SAM Dosyası - BAM Dosyası - samtools
By Güngör Budak
- 2 minutes read - 241 wordsAslında programlamam gereken pipeline direkt olarak eşleşmeyen okumalar üzerinden analizler yapacak. Ancak böyle bir veri bulamadiığım için, elimdeki tek veri eşleşen ve eşleşmeyen okumaları içerdiği için önce eşleşenlerden kurtulmam gerekti.
Bunu daha önce de belirttiğim gibi bwa eşleştiricisi (aligner - mapper) ile yapıyorum. bwa bir dizi işlemden sonra SAM dosyası oluşturuyor ancak benim FASTQ dosyasına ihtiyacım var. Bunun için SAM dosyasını samtools1 ile benzer bir format olan BAM dosyasına çevirip, daha sonra da bam2fastq2 aracı ile FASTQ dosyamı elde edeceğim.
SAM dosyasında, tahmin edebileceğiniz gibi sıralamalar (alignment) var. Ve her sıralama 11 satıra sahip ve bu satırlar sıralama, sıralayıcı (eşleştirici - aligner) ilgili bilgiler içeriyor. Bu satırlardan üçüncüsü sıralamanın ismi, onuncusu sıralamanin dizilimi (ya da sekansı) ve on birincisi ise sıralamalanın kalitesi. İşte bu alanlar özellikle FASTQ dosyası için gerekli, elbette diğer bilgiler de başka yerlerde öneme sahipler. BAM dosyası ise SAM dosyasının ikilik sistemde (binary) sürümü.

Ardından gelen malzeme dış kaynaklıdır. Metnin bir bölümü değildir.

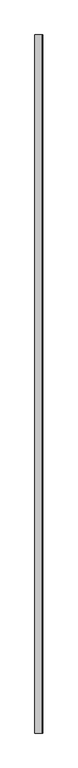
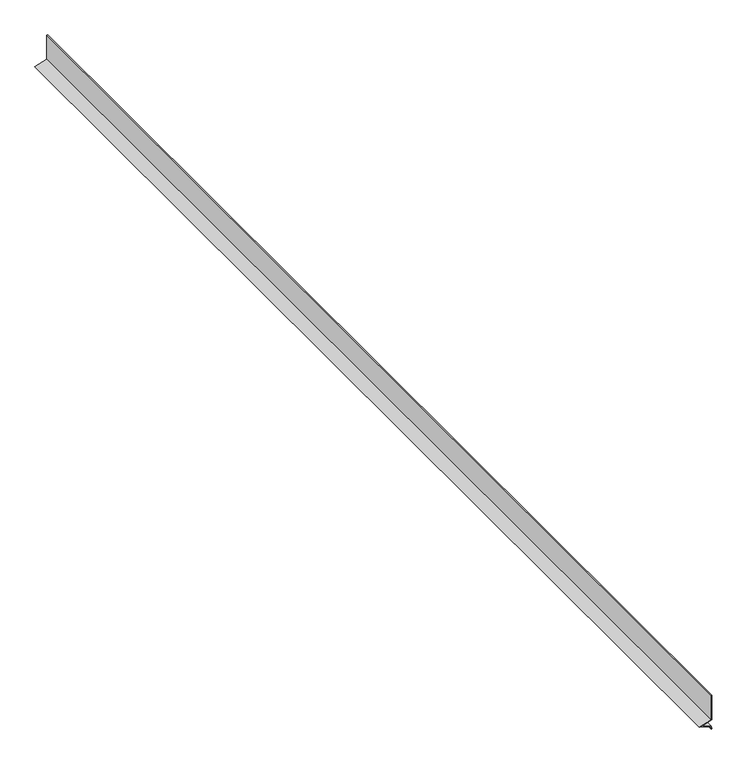
"""IFC4 building model written with IfcOpenShell, lengths in millimetres: proxy geometry, Metal profile025 233 : Metal profile025 233."""

from ifc_helpers import new_model, si_unit, frame, origin, place, context, project, spatial, polyline, outline, extrude, source, transform, mapped, element, save


def generic_models_e0bbe71d(model_context):
    return source(origin(), model_context, "Body", "SweptSolid", [
        extrude(outline(polyline([(33322.0337932, -9678.6315139), (33327.1485436, -9679.594709), (33332.6487015, -9696.7063117), (33338.458458, -9678.6315139), (33383.4487015, -9678.6315139), (33383.4487015, -9679.9015139), (33339.3842373, -9679.9015139), (33332.6487015, -9700.8565139), (33326.1707534, -9680.7028974), (33321.7987616, -9679.8795765), (33322.0337932, -9678.6315139)])), frame((0.0, 7982.1529359, 0.0), z_axis=(0.0, 1.0, 0.0), x_axis=(0.0, 0.0, 1.0)), (0.0, 0.0, 1.0), 2000.0),
    ])


if __name__ == "__main__":
    model = new_model("IFC4")
    model_context = context("Model", 3, world=origin())
    ifc_project = project(units=[si_unit("LENGTHUNIT", "METRE", prefix="MILLI")], contexts=[model_context])
    site = spatial("IfcSite", under=ifc_project)
    building = spatial("IfcBuilding", under=site)
    placement = place(None, origin())
    generic_models_shape = generic_models_e0bbe71d(model_context)
    element("IfcBuildingElementProxy", 1, Name="Metal profile025 233 : Metal profile025 233", ObjectType="Metal profile025 233 : Metal profile025 233", at=placement, inside=building, context=model_context, shape_type="MappedRepresentation", body=[
        mapped(generic_models_shape, transform((0.0, 0.0, 0.0), x_axis=(1.0, 0.0, 0.0), y_axis=(0.0, 1.0, 0.0), z_axis=(0.0, 0.0, 1.0))),
    ])
    save(model, "model.ifc")

# Revit data of these elements
# Type "Metal profile025 233 : Metal profile025 233"
#   NameOverride = "Metal profile025"
# Element 1 (IfcBuildingElementProxy, "Metal profile025 233 : Metal profile025 233")
#   Materials on its faces: "16 GA. COPPER WEEP SCREED W/ MIN 3 1/2\" ATTACHMENT FLANGE - LAP UNDERLAYMENT OVER WEED SCREED"
# Materials
#   "16 GA. COPPER WEEP SCREED W/ MIN 3 1/2\" ATTACHMENT FLANGE - LAP UNDERLAYMENT OVER WEED SCREED": class "Unassigned", colour RGB 251 232 155, transparency 0, Cost = 0

Aşağıdaki kod ile samtools komutunun view seçeneği üzerinden -S (girdisi SAM dosyası) ve -b (çıktısı BAM dosyası) parametreleriyle dosyanızı çevirebiliyorsunuz.
1samtools view -Sb dosya.sam > dosya.bam
Daha sonra HUSAR paketinde bulunan, ücretsiz olarak elde edilebilecek bam2fastq komutu ile BAM dosyasını FASTQ dosyasına çevirerek işlemi tamamlıyoruz. Burada –output parametresi ile FASTQ dosyasının adını, –unaligned ve –no-aligned parametreleri ile de sadece eşleşmeyen okumaları almasını sağlıyoruz.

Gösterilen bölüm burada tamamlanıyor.